Rangel’s censure painful to watch

? This was a sad time for many of us watching Charlie Rangel receive the censure of his colleagues in the House of Representatives — not because of our disagreement with their judgment but simply because of who he is.

For 40 years or more, half his life, Rangel has been a force in the House by dint of an irrepressible personality that conveys a keen intelligence, street smarts and a wonderful self-mocking sense of humor. To see him brought low is nothing but painful.

This is the second time in my life as a reporter that a man we mock but simultaneously salute with the cliched description as “the powerful chairman of the influential Ways and Means Committee” has tumbled to self-inflicted ruin. When it happened to Dan Rostenkowski, the Chicagoan who held the chairmanship back in the 1980s and the early 1990s, many of us in the press gallery felt the same sense of loss.

I think I can tell you why. The pursuit of power is what brings people into politics, and some of them pursue it with a grim determination never to be outmaneuvered. You can stand back and watch them work, but there seems to be no joy in them — or in the spectacle they provide. It’s a deadly serious business, this fundraising, vote counting, always manipulating treadmill, for the Tom DeLays and the Nancy Pelosis of this world.

When one of them slips off that treadmill, you look to see who may replace them but you shed no tears.

What was different about Rangel and Rostenkowski was the sheer joy with which they played the game and the way they would let you know that, whatever the policy stakes, a game is what it was to them.

How did they let you know? They would analyze their own motives with the same disarming candor they brought to their calculations of their colleagues’ maneuvers.

I can recall a conversation with Rosty when he was chairman of Ways and Means in which he answered my question about the traits he valued when he put his stamp of approval on one of the many aspirants for membership on that most desirable of all House committees.

“I want somebody who’s already pretty secure in his seat,” he said. “I don’t want them worrying all the time about pressures from outside (interest groups) or from home (districts). I’d rather they think about what we here in the House think of them.”

That was such a candid and unexpected answer that I can still easily recall it. But especially when we were meeting regularly during the fight over the unsuccessful Clinton health care bill, Rostenkowski was equally candid about his own motives.
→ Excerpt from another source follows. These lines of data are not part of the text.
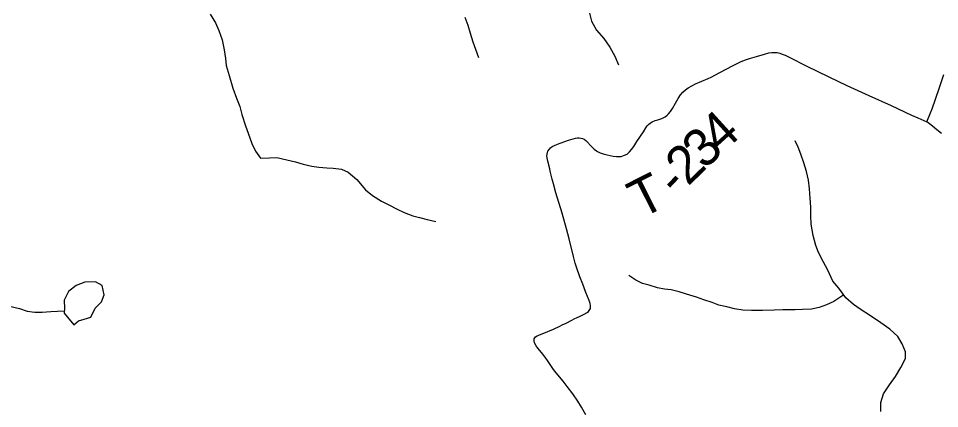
# Model space of a CAD drawing. Extents: x 0 to 34, y 0 to 22.
# Drawn here: x 5.89 to 7.268, y 16.898 to 17.482 of the extents above; entities that cross this region are included whole.
import ezdxf

# ---------------------------------------------------------------- set-up
doc = ezdxf.new("R2010")
doc.units = 0
for name, color, linetype in [('GM_X_Minor_Lake', 7, 'Continuous'), ('GM_X_Minor_River', 7, 'Continuous'), ('GM_X_Township_Road', 7, 'Continuous'), ('GM_X_Township_Road_Text', 7, 'Continuous')]:
    doc.layers.add(name, color=color, linetype=linetype)

msp = doc.modelspace()

# ---------------------------------------------------------------- linework, layer by layer
at = {"layer": 'GM_X_Minor_Lake'}
for points in [[(5.9725, 17.0228), (5.9798, 17.0291), (5.9882, 17.0317), (5.9981, 17.0346), (6.0044, 17.0478), (6.014, 17.0575), (6.0179, 17.0681), (6.0151, 17.0818), (6.0049, 17.0873), (5.989, 17.0871), (5.9764, 17.082), (5.9649, 17.073), (5.9583, 17.0598), (5.9585, 17.0477), (5.9584, 17.0404)], [(5.9584, 17.0404), (5.9725, 17.0228)]]:
    msp.add_lwpolyline(points, dxfattribs=at)
at = {"layer": 'GM_X_Minor_River'}
for points in [[(6.1768, 17.4886), (6.1846, 17.4756), (6.1897, 17.4637), (6.1949, 17.45), (6.1977, 17.4351), (6.1998, 17.4218), (6.2007, 17.4115), (6.2051, 17.3966), (6.2105, 17.3775), (6.216, 17.3627), (6.2211, 17.35), (6.2243, 17.3382), (6.2298, 17.321), (6.2334, 17.31), (6.2389, 17.2947), (6.2448, 17.2832), (6.2522, 17.2725), (6.2655, 17.2734), (6.2765, 17.2736), (6.2916, 17.2704), (6.3044, 17.2671), (6.3158, 17.2636), (6.329, 17.2607), (6.3392, 17.259), (6.3513, 17.2581), (6.3608, 17.2576), (6.3733, 17.2562), (6.3835, 17.2515), (6.3962, 17.2407), (6.4092, 17.2253), (6.4197, 17.2168), (6.4333, 17.2083), (6.4442, 17.2028), (6.4566, 17.1965), (6.4671, 17.1914), (6.4799, 17.1863), (6.4902, 17.1839), (6.5015, 17.1807), (6.5147, 17.1778)], [(6.5578, 17.4841), (6.5622, 17.4719), (6.5658, 17.4601), (6.5698, 17.4471), (6.5738, 17.436), (6.5786, 17.4234)], [(6.7445, 17.4897), (6.7477, 17.4779), (6.7551, 17.4645), (6.7659, 17.4518), (6.7748, 17.4391), (6.7826, 17.4253), (6.7881, 17.4123)], [(7.2026, 16.9457), (7.2107, 16.9589), (7.2177, 16.9725), (7.2175, 16.9823), (7.2127, 16.9946), (7.2061, 17.0053), (7.1941, 17.0165), (7.1806, 17.0262), (7.1652, 17.0363), (7.1494, 17.0464), (7.1397, 17.0534), (7.1284, 17.0634), (7.1177, 17.078), (7.1087, 17.0884), (7.101, 17.1049), (7.0943, 17.1179), (7.0873, 17.1313), (7.0833, 17.1416), (7.0794, 17.1569), (7.0762, 17.174), (7.076, 17.1869), (7.0758, 17.1995), (7.0749, 17.2128), (7.0739, 17.2268), (7.0722, 17.2398), (7.0694, 17.2527), (7.0654, 17.2657), (7.0607, 17.2787), (7.0566, 17.289), (7.0522, 17.2986)], [(7.125, 17.0681), (7.1102, 17.058), (7.0991, 17.0529), (7.0884, 17.0492), (7.0766, 17.0467), (7.0633, 17.0458), (7.0523, 17.0456), (7.0338, 17.0455), (7.0209, 17.0449), (7.0034, 17.0444), (6.9871, 17.0443), (6.9738, 17.0448), (6.9614, 17.0469), (6.95, 17.0498), (6.9379, 17.0522), (6.9281, 17.0562), (6.9157, 17.0605), (6.9047, 17.0645), (6.8896, 17.0689), (6.8787, 17.0725), (6.8666, 17.0753), (6.8568, 17.0766), (6.8462, 17.0783), (6.8337, 17.0823), (6.8239, 17.0851), (6.8141, 17.0898), (6.8036, 17.0968)], [(5.8762, 17.0508), (5.8914, 17.0475), (5.9027, 17.0435), (5.9144, 17.0422), (5.9254, 17.0421), (5.9383, 17.043), (5.9584, 17.0439)], [(7.1806, 16.8929), (7.1808, 16.9065), (7.1847, 16.9194), (7.1937, 16.9333), (7.2026, 16.9457)]]:
    msp.add_lwpolyline(points, dxfattribs=at)
at = {"layer": 'GM_X_Township_Road'}
for points in [[(6.6822, 17.2834), (6.6844, 17.2864), (6.6862, 17.2881), (6.6887, 17.2899), (6.692, 17.2917), (6.6965, 17.2937), (6.7129, 17.2994), (6.7237, 17.3025), (6.7267, 17.3029), (6.7292, 17.303), (6.7317, 17.3027), (6.734, 17.302), (6.7363, 17.3009), (6.7389, 17.2992), (6.7412, 17.2972), (6.7467, 17.2913), (6.7515, 17.2864), (6.7549, 17.2837), (6.7565, 17.2827), (6.7603, 17.2807), (6.765, 17.2791), (6.771, 17.2775), (6.7801, 17.2756), (6.7851, 17.275), (6.79, 17.2752), (6.7918, 17.2754), (6.7971, 17.277), (6.801, 17.2789), (6.8046, 17.2823), (6.8074, 17.2857), (6.8107, 17.2902), (6.8155, 17.2974), (6.8251, 17.3119), (6.8289, 17.3183), (6.8307, 17.3209), (6.8328, 17.3231), (6.8356, 17.3255), (6.8382, 17.3271), (6.8427, 17.3291), (6.8469, 17.3301), (6.8528, 17.3321), (6.8577, 17.3347), (6.8606, 17.337), (6.8628, 17.3391), (6.8657, 17.3424), (6.8689, 17.347), (6.8733, 17.3552), (6.8771, 17.3623), (6.8805, 17.3674), (6.8842, 17.3716), (6.8883, 17.3752), (6.8924, 17.378), (6.8977, 17.3812), (6.9033, 17.3839), (6.9124, 17.3878), (6.9221, 17.392), (6.9266, 17.3941), (6.9397, 17.401), (6.9594, 17.4115), (6.9716, 17.4175), (6.9779, 17.4201), (6.9838, 17.422), (6.9945, 17.4251), (7.0064, 17.4287), (7.013, 17.4304), (7.0173, 17.431), (7.0203, 17.4312), (7.0253, 17.4309), (7.0295, 17.4299), (7.033, 17.4287), (7.0376, 17.4268), (7.0454, 17.4229), (7.0686, 17.4111), (7.1027, 17.3944), (7.1297, 17.3817), (7.1624, 17.3667), (7.1958, 17.3516), (7.2267, 17.337), (7.2357, 17.3329), (7.245, 17.3293), (7.2492, 17.3269)], [(7.2492, 17.3269), (7.2548, 17.3405), (7.2574, 17.3468), (7.2678, 17.3768), (7.275, 17.3979)], [(7.2715, 17.3097), (7.2646, 17.315), (7.258, 17.3207), (7.2535, 17.3243), (7.2492, 17.3269)], [(6.739, 16.8883), (6.7326, 16.8996), (6.727, 16.9085), (6.7194, 16.9197), (6.7113, 16.9307), (6.7052, 16.9385), (6.6948, 16.9509), (6.6908, 16.9563), (6.6818, 16.9697), (6.6782, 16.9747), (6.6725, 16.9813), (6.6671, 16.9881), (6.6646, 16.9916), (6.6624, 16.9959), (6.6618, 16.9983), (6.6617, 17.0001), (6.6619, 17.0019), (6.6628, 17.0036), (6.6639, 17.005), (6.666, 17.0064), (6.6688, 17.0077), (6.682, 17.0131), (6.6906, 17.0166), (6.7001, 17.0211), (6.7035, 17.0228), (6.7097, 17.0257), (6.7179, 17.03), (6.7217, 17.0319), (6.7262, 17.034), (6.7295, 17.0356), (6.7367, 17.0391), (6.7409, 17.0416), (6.7429, 17.0431), (6.7442, 17.0444), (6.7452, 17.046), (6.7458, 17.0477), (6.7461, 17.0495), (6.746, 17.052), (6.7454, 17.0551), (6.744, 17.0592), (6.7391, 17.0712), (6.7343, 17.0838), (6.7302, 17.0948), (6.7251, 17.1093), (6.7232, 17.1152), (6.7204, 17.1254), (6.7139, 17.1518), (6.7103, 17.1668), (6.7038, 17.1901), (6.6942, 17.2209), (6.6904, 17.2341), (6.6885, 17.2413), (6.6857, 17.2533), (6.6849, 17.2569), (6.682, 17.2682), (6.681, 17.2731), (6.6808, 17.2762), (6.6809, 17.2786), (6.6814, 17.2811), (6.6822, 17.2834)]]:
    msp.add_lwpolyline(points, dxfattribs=at)

# ---------------------------------------------------------------- texts
at = {"layer": 'GM_X_Township_Road_Text'}
for s, rotation, p in [('4', 42.2502, (6.9418, 17.2783)), ('3', 44.2405, (6.9171, 17.2543)), ('2', 44.218, (6.892, 17.2299)), ('T', 26.82, (6.8214, 17.1814)), ('-', 46.7047, (6.8765, 17.2133))]:
    msp.add_text(s, height=0.0568, rotation=rotation, dxfattribs=at).set_placement(p)

doc.saveas('drawing.dxf')

And he always hugely enjoyed the game he was part of — never burdened by whether it was negotiating with the treasury secretary or regaling his pals late at night at his favorite steak and bourbon joint.

Rangel is the same way, with the added dimension of the Harlem hipster who reveled in his ability to play the street game as well as anybody of his own generation or the next one rising up to challenge.

I remember conversations with him when he was engaged in what may have been his greatest coup: helping free Hillary Clinton from the confines of the East Wing and converting her into a successful Senate candidate in New York.

The number of people who were determined to keep that from happening were legion, both in Washington and New York. But Rangel knew them all and he knew how to get around them — by co-optation or by mowing them down, whatever was required. And he loved every minute of this game — which he played for unselfish purposes, not to expand his own influence.

He and Rosty had the same view of the hometown patronage games that brought them down. They wanted the perks that went with their positions of power. But they used them more often to help others along than for themselves, and they weren’t greedy. Often, they were just sloppy about the demands of the new era of politics.

It makes you weep to see someone like this fall.

• Correction: In my column for Nov. 18, I wrote that Rep. Steny Hoyer had challenged Rep. Nancy Pelosi for the top leadership post in the House of Representatives. In fact, the two once ran against each other for minority whip, the No. 2 post.